There were however a good number of voluntary converts to Islam from low caste and outcaste Hindu communities, and this went on all through the medieval period. It was a great advantage for this class of Hindus to become Muslims, for conversion opened up unprecedented career and social advancement opportunities for them, which they would never have had in Hindu society. As Muslims they could occupy any position that they merited by their abilities, and thus move up in society, free from the caste bond that confined them to a particular social niche and profession. Not surprisingly, many of the underclass conversions to Islam were mass conversions, following community or clan decisions.
Apart from low caste and outcaste Hindus, many traders, craftsmen and other service providers also found it to be a temporal advantage for them to become Muslims, as that widened their business opportunities, as most of their affluent customers were now Muslims. A few upper class Hindus also voluntarily became Muslims, thereby to gain various socio-political and material advantages. There are said to have been even a few instances of men becoming Muslims because of their conviction of the superiority of Islam over Hinduism as a religion
Despite all this, even at the close of the eighteenth century, after six centuries of dominant Muslim rule in India, the region around Delhi, the core area of Muslim power in India, had only around 14 per cent Muslims in its population. However, in some other regions of the subcontinent, particularly in the western and eastern flanks of the Indo-Gangetic Plain — the regions that in the twentieth century became Pakistan and Bangladesh — Muslims constituted a much larger part of the local population, presumably because of the mass conversion to Islam of tribal people in those mountainous regions. The proportion of Muslim population in the subcontinent increased over the next century and half, because of the higher birth-rate in the community, so that by the end of the British rule in 1947 they formed about a quarter of the subcontinent’s population.

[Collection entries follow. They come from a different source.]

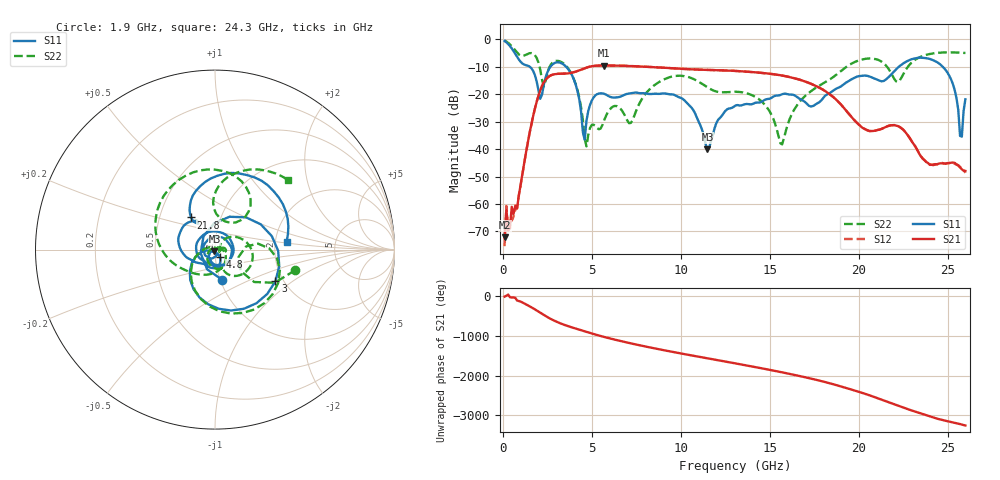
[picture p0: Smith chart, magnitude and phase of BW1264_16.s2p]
!Keysight Technologies,N5245B,MY57181159,A.13.60.06
!Date: Friday, December 18, 2020 23:52:44
!Correction: S11(Full 2 Port(1,2))
!S21(Full 2 Port(1,2))
!S12(Full 2 Port(1,2))
!S22(Full 2 Port(1,2))
!S2P File: Measurements: S11, S21, S12, S22:
# Hz S  dB  R 50
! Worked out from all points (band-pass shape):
!   260 points, 100 MHz to 26 GHz, reference 50 ohm
!   highest |S21| = -9.52 dB at 5.7 GHz (marker M1); lowest = -72.2 dB at 100 MHz (marker M2)
!   |S21| within 3 dB of the highest: 3.199 GHz to 15 GHz (11.8 GHz wide, 130 % of centre)
!   lowest |S11| = -40.1 dB at 11.5 GHz (marker M3), VSWR 1.02, Z = 49.7 - j0.943 ohm
!   |S11| at or under -10 dB: 1.519 GHz to 2.674 GHz (1.155 GHz wide, 55.1 % of centre); 3.559 GHz to 22.25 GHz (18.7 GHz wide, 145 % of centre); 24.73 GHz to end of sweep
!   |S22| runs from -39.0 to -0.4 dB; largest |S21 - S12| = 0.00055
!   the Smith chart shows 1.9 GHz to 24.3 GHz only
!   S11 on the Smith chart (normalised r, x): 1.9 GHz: 1.02, -0.35; 3 GHz: 1.82, -0.75; 4.8 GHz: 1.05, -0.09; 21.8 GHz: 0.72, +0.27; 24.3 GHz: 2.31, +0.24
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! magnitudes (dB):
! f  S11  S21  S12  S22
! 100 MHz  -0.6  -72.2  -75.4  -0.4
! 200 MHz  -1.1  -62.1  -60.7  -0.8
! 300 MHz  -1.7  -68.9  -69.8  -1.3
! 800 MHz  -6.3  -61.6  -61.6  -4.8
! 1.9 GHz  -15.3  -22.8  -22.8  -6.7
! 2.3 GHz  -16.7  -15.7  -15.7  -17.2
! 3 GHz  -8.4  -12.6  -12.6  -7.8
! 4 GHz  -14.7  -11.9  -11.9  -14.6
! 4.5 GHz  -33.9  -10.8  -10.8  -29.5
! 4.8 GHz  -26.1  -10.1  -10.1  -34.9
! 5.7 GHz  -19.8  -9.5  -9.5  -29.4
! 8.8 GHz  -19.9  -10.2  -10.2  -15.5
! 11.5 GHz  -40.1  -11.1  -11.1  -17.4
! 13.1 GHz  -24.0  -11.5  -11.5  -19.1
! 15.7 GHz  -20.0  -13.2  -13.2  -38.2
! 17.4 GHz  -24.4  -16.4  -16.4  -18.5
! 21.7 GHz  -13.7  -31.5  -31.5  -10.9
! 21.8 GHz  -13.0  -31.3  -31.3  -12.0
! 24.3 GHz  -7.9  -45.5  -45.7  -5.0
! 25.3 GHz  -16.3  -44.9  -45.0  -4.7
! 25.7 GHz  -35.2  -46.7  -46.4  -4.9
! 26 GHz  -21.8  -48.0  -48.6  -5.0
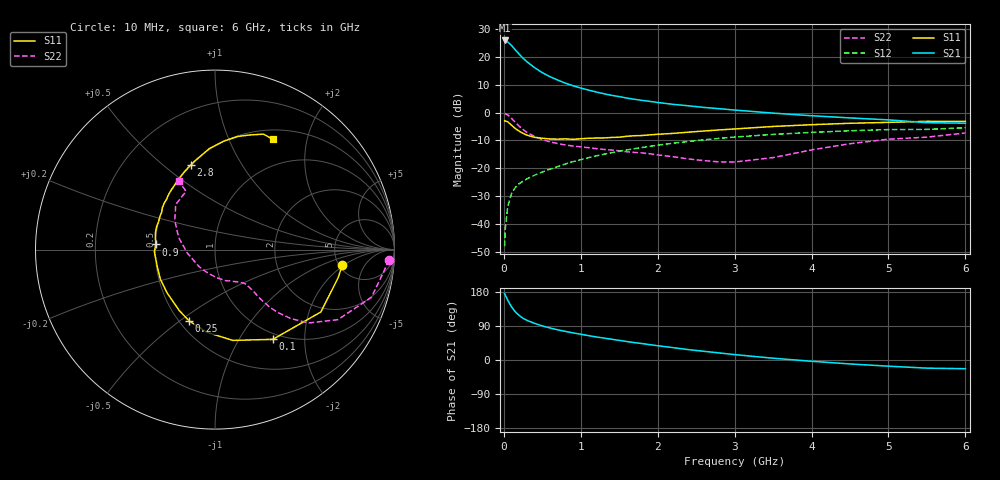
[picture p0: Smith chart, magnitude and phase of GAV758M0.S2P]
! Infineon Technologies  Discrete & RF Semiconductors
! BF775
! Si NPN RF Bipolar Junction Transistor in SOT23
! VCE = 0.75 V  IC = 8 mA
! Common Emitter S-Parameters:  May  1996
# GHz  S  MA  R  50
!  f  S11  S21  S12  S22
! GHz  MAG  ANG  MAG  ANG  MAG  ANG  MAG  ANG
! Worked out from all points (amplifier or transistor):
!   36 points, 10 MHz to 6 GHz, reference 50 ohm
!   highest |S21| = 25.9 dB at 10 MHz (marker M1)
!   |S21| within 3 dB of that: start of sweep to 136.9 MHz
!   unconditionally stable (mu >= 1): 508 MHz to end of sweep
!   at 250 MHz: K = 0.68, MSG = 22.1 dB, |S12| = -24.6 dB
!   at 1.4 GHz: K = 1.19, MAG = 7.7 dB, |S12| = -14.4 dB
!   at 6 GHz: K = 1.05, MAG = -0.6 dB, |S12| = -5.4 dB
!   S11 on the Smith chart (normalised r, x): 10 MHz: 5.37, -1.83; 100 MHz: 0.91, -1.41; 250 MHz: 0.56, -0.54; 900 MHz: 0.50, +0.03; 2.8 GHz: 0.50, +0.62; 6 GHz: 0.62, +1.46
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0.01  0.7149 -6.7  19.74 175.5  0.004 85.8  0.9685 -3.4
0.02  0.7041 -12.7  19.55 170.8  0.0085 84.6  0.9507 -7.0
0.05  0.6846 -30.5  18.63 158.1  0.0204 75.2  0.9109 -17.0
0.1  0.5949 -57.2  16.02 140.3  0.0355 64.6  0.7878 -29.7
0.15  0.5155 -78.9  13.31 126.7  0.0455 58.5  0.6637 -38.0
0.2  0.4634 -95.4  11.18 117.5  0.053 55.8  0.5705 -42.3
0.25  0.4231 -109.8  9.467 110.0  0.0589 54.3  0.4961 -45.0
0.3  0.3934 -120.5  8.182 104.6  0.0644 54.3  0.4419 -46.5
0.4  0.3597 -138.0  6.411 96.7  0.0753 54.8  0.3721 -47.4
0.5  0.3464 -151.4  5.208 90.0  0.0856 55.8  0.3276 -47.4
0.6  0.3362 -162.1  4.417 84.5  0.0967 56.8  0.2982 -47.5
0.7  0.3341 -171.0  3.84 79.6  0.1078 57.3  0.2779 -47.8
0.9  0.3312 175.0  3.033 71.6  0.1317 57.5  0.2511 -48.8
1.1  0.3457 163.3  2.539 64.4  0.1554 56.8  0.2346 -51.7
1.3  0.3509 153.5  2.182 57.9  0.1788 55.5  0.2183 -55.0
1.6  0.3759 141.2  1.821 48.7  0.2139 52.7  0.1982 -62.1
2.2  0.4231 122.2  1.407 32.6  0.2824 45.9  0.1615 -83.1
2.8  0.4887 106.2  1.175 18.6  0.3449 37.8  0.1304 -119.5
3.5  0.5637 93.2  0.979 4.7  0.4058 27.7  0.1558 -173.1
4.5  0.6433 78.5  0.803 -10.4  0.4723 14.0  0.2764 144.2
5.5  0.6978 67.2  0.659 -21.5  0.4991 0.6  0.3628 116.4
6  0.6939 62.5  0.646 -23.0  0.5347 -3.2  0.4301 117.7
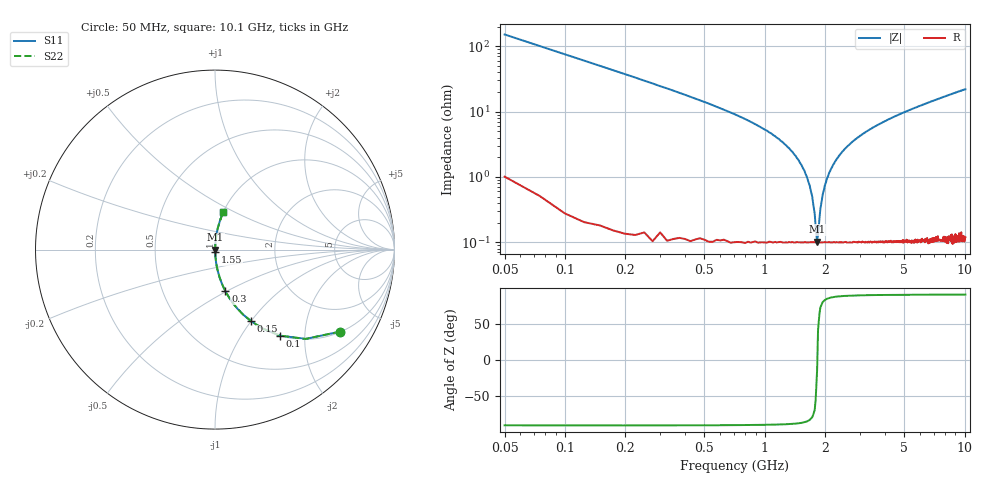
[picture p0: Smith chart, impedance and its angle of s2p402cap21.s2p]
! AVX Thin Film Operation		Date: April 2003
! Description: Accu-P® Series, Thin Film, SMD, RF Capacitor
! Part Number: 0402ZK210FBW
! 50 MHz  -  10.05 GHz
! Serial Measurements
# hz S db R 50
!	S11		S21		S12		S22
!	dB	Phase	dB	Phase	dB	Phase	dB	Phase
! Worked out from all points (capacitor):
!   400 points, 50 MHz to 10.1 GHz, reference 50 ohm
!   read as one part in series: C = 21 pF near 100 MHz
!   lowest |Z| = 103 mohm at 1.83 GHz (marker M1)
!   series resonance near 1.834 GHz, so ESL is about 360 pH
!   S11 on the Smith chart (normalised r, x): 50 MHz: 1.02, -3.03; 100 MHz: 1.01, -1.51; 150 MHz: 1.00, -1.00; 300 MHz: 1.00, -0.49; 1.55 GHz: 1.00, -0.03; 10.1 GHz: 1.00, +0.44
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5e7  -1.59 -33.3  -5.20 56.3  -5.20 56.3  -1.59 -33.3
1e8  -4.41 -52.8  -1.98 37.0  -1.98 37.0  -4.41 -52.8
1.5e8  -6.98 -63.2  -0.99 26.6  -0.99 26.6  -6.98 -63.2
3e8  -12.50 -75.9  -0.27 13.8  -0.27 13.8  -12.50 -75.9
6.25e8  -19.50 -83.3  -0.06 6.1  -0.06 6.1  -19.50 -83.3
1.23e9  -29.30 -86.4  -0.01 1.9  -0.01 1.9  -29.30 -86.4
1.55e9  -37.20 -85.1  -0.01 0.8  -0.01 0.8  -37.20 -85.1
1.63e9  -40.10 -83.7  -0.01 0.6  -0.01 0.6  -40.10 -83.7
1.73e9  -46.00 -78.2  -0.01 0.3  -0.01 0.3  -46.00 -78.2
1.78e9  -51.30 -68.4  -0.01 0.1  -0.01 0.1  -51.30 -68.4
1.83e9  -59.80 -13.9  -0.01 0.0  -0.01 0.0  -59.80 -13.9
1.9e9  -49.80 71.9  -0.01 -0.2  -0.01 -0.2  -49.80 71.9
1.95e9  -45.50 78.9  -0.01 -0.3  -0.01 -0.3  -45.50 78.9
2.05e9  -40.50 83.4  -0.01 -0.5  -0.01 -0.5  -40.50 83.4
2.2e9  -36.30 85.4  -0.01 -0.9  -0.01 -0.9  -36.30 85.4
2.45e9  -32.20 86.3  -0.01 -1.4  -0.01 -1.4  -32.20 86.3
2.7e9  -29.60 86.4  -0.01 -1.9  -0.01 -1.9  -29.60 86.4
3.4e9  -25.30 85.8  -0.02 -3.1  -0.02 -3.1  -25.30 85.8
5.08e9  -20.10 83.7  -0.05 -5.7  -0.05 -5.7  -20.10 83.7
6.75e9  -17.10 81.5  -0.10 -8.0  -0.10 -8.0  -17.10 81.5
8.43e9  -15.00 79.4  -0.15 -10.3  -0.15 -10.3  -15.00 79.4
1.01e10  -13.40 77.3  -0.21 -12.4  -0.21 -12.4  -13.40 77.3

INDIA IN MEDIEVAL times was already a densely populated land, compared to the other regions of the world. ‘This country is so well-populated that it is impossible in a reasonable space to convey an idea of it,’ notes Razzak. Moreover, the population profile of India was highly complex, because of the racial, linguistic, social, cultural, religious and sectarian diversity of Indians, resulting from the socio-cultural-religious developments within the country, as well as from the migration of very many different races into India over the millennia.